# Notebook to test the module `pipeline.py`


### Import modules

In [1]:
import sys
import pandas as pd

sys.path.append("../../")    # Add the path to the root directory (where we can find the folder .git)

%load_ext autoreload
%autoreload 2 

from narval.pipeline import Pipeline, merge_question_answer_dicts
from narval.utils import FileSystem, get_data_dir

  machar = _get_machar(dtype)
  from .autonotebook import tqdm as notebook_tqdm


In [16]:
pd.options.display.max_colwidth = None

### Choose the input parameters

In [2]:
# Name of the subfolder where answers will be saved (in `data/output/benchmark_*/answers/`)
benchmark_version = "test_pipeline" 
# Name of the indicator file in `data/input`
indicator_file = "indicateurs_v3.csv"
# Name of the question file in `data/input`
question_file = "question_keyword_v3.csv"
# Model type (Meta-Llama-3-8B-Instruct gives the best results to date)
model_name = "google/flan-t5-base"
# Prompt version (Llame_prompt_v7 gives the best results to date)
prompt_version = "T5_prompt_v1"
# Choose whether or not hallucinations must be removed in the cleaning step
remove_hallucinations = True
# Name of the file in `data/input` containing the list of PDFs to be read and questioned
rpqs_eval_list_file = "rpqs_eval_list_1.csv"

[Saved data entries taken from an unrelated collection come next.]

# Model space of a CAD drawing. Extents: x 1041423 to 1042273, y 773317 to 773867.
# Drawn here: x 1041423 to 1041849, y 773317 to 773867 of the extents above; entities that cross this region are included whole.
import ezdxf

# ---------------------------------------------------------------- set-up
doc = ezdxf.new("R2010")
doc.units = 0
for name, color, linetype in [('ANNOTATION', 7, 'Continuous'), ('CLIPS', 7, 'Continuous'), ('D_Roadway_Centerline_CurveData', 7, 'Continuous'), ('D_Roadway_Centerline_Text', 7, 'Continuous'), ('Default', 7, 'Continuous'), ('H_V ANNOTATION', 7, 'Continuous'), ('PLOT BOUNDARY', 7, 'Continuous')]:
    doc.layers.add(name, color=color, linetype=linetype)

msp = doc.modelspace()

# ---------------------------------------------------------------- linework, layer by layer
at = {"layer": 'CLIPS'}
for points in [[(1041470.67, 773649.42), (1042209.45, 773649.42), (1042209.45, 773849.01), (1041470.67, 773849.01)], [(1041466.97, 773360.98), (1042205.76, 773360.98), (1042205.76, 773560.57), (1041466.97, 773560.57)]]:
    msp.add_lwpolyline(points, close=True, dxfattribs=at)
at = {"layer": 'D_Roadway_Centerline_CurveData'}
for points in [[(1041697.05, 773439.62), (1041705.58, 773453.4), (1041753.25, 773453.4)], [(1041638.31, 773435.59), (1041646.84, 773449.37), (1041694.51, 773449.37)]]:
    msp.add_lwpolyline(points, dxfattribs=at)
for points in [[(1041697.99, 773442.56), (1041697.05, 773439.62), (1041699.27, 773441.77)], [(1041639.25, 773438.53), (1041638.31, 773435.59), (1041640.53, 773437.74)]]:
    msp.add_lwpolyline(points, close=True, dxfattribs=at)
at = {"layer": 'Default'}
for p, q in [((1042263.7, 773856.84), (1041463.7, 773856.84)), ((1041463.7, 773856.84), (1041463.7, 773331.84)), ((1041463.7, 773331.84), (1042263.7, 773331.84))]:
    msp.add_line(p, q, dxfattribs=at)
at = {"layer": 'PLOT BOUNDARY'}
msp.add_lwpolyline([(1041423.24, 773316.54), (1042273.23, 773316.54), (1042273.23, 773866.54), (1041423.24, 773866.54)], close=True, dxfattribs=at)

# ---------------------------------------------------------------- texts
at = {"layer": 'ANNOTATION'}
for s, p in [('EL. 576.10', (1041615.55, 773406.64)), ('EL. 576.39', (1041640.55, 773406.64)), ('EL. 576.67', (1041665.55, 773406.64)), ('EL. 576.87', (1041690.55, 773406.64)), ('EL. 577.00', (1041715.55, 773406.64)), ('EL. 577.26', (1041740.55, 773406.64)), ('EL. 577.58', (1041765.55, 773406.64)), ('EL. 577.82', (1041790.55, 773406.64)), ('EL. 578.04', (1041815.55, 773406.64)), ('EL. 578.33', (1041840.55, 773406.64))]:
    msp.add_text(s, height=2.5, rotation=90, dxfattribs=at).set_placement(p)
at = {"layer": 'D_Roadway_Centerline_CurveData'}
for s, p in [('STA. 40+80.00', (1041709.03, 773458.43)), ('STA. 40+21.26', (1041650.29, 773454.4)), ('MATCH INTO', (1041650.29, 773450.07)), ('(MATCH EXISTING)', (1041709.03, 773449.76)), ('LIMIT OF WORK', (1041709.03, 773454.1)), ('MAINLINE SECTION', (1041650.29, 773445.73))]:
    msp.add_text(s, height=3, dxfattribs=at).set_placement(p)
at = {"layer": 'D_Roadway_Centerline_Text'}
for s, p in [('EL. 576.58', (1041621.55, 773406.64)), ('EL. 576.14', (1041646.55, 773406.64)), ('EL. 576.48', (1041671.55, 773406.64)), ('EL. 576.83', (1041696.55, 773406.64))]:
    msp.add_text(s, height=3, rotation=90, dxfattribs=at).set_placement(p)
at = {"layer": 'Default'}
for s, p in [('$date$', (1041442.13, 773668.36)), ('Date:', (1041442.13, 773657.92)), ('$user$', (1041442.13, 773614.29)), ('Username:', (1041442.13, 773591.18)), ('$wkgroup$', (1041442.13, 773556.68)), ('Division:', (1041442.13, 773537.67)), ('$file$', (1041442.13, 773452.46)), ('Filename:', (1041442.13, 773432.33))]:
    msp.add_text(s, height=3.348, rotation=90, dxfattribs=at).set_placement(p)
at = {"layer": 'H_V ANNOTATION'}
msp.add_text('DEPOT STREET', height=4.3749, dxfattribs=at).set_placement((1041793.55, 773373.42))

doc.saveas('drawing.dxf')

### Import the dataframe containing the list of PDFs to be read and questioned

In [3]:
# Instantiate the File System (local file system or S3 bucket)
fs = FileSystem()
# Get the directory containing the folder `data`
data_dir = get_data_dir()
# Import the dataframe containing the list of PDFs to be read and questioned
eval_df = fs.read_csv_to_df(data_dir + "/data/input/" + rpqs_eval_list_file, sep=";", 
                            usecols=["pdf_name", "collectivity", "year", "competence"])
# Show the first rows of this dataframe
eval_df.head()

Unnamed: 0,pdf_name,collectivity,year,competence
0,RPQS_Allain_AC_2021,Allain,2021,assainissement collectif
1,RPQS_Alloue_AC_2021,Alloue,2021,assainissement collectif
2,RPQS_Brillac_AC_2021,Brillac,2021,assainissement collectif
3,RPQS_Rully_AC_2021,Rully,2021,assainissement collectif
4,RPQS_Jons_AC_2022,Jons,2022,assainissement collectif


Choose a PDF

In [5]:
pdf_name = "RPQS_Alloue_AC_2021"    

pdf_file = pdf_name + ".pdf"
collectivity = eval_df.query("pdf_name==@pdf_name")["collectivity"].values[0]
year = eval_df.query("pdf_name==@pdf_name")["year"].values[0]
competence = eval_df.query("pdf_name==@pdf_name")["competence"].values[0]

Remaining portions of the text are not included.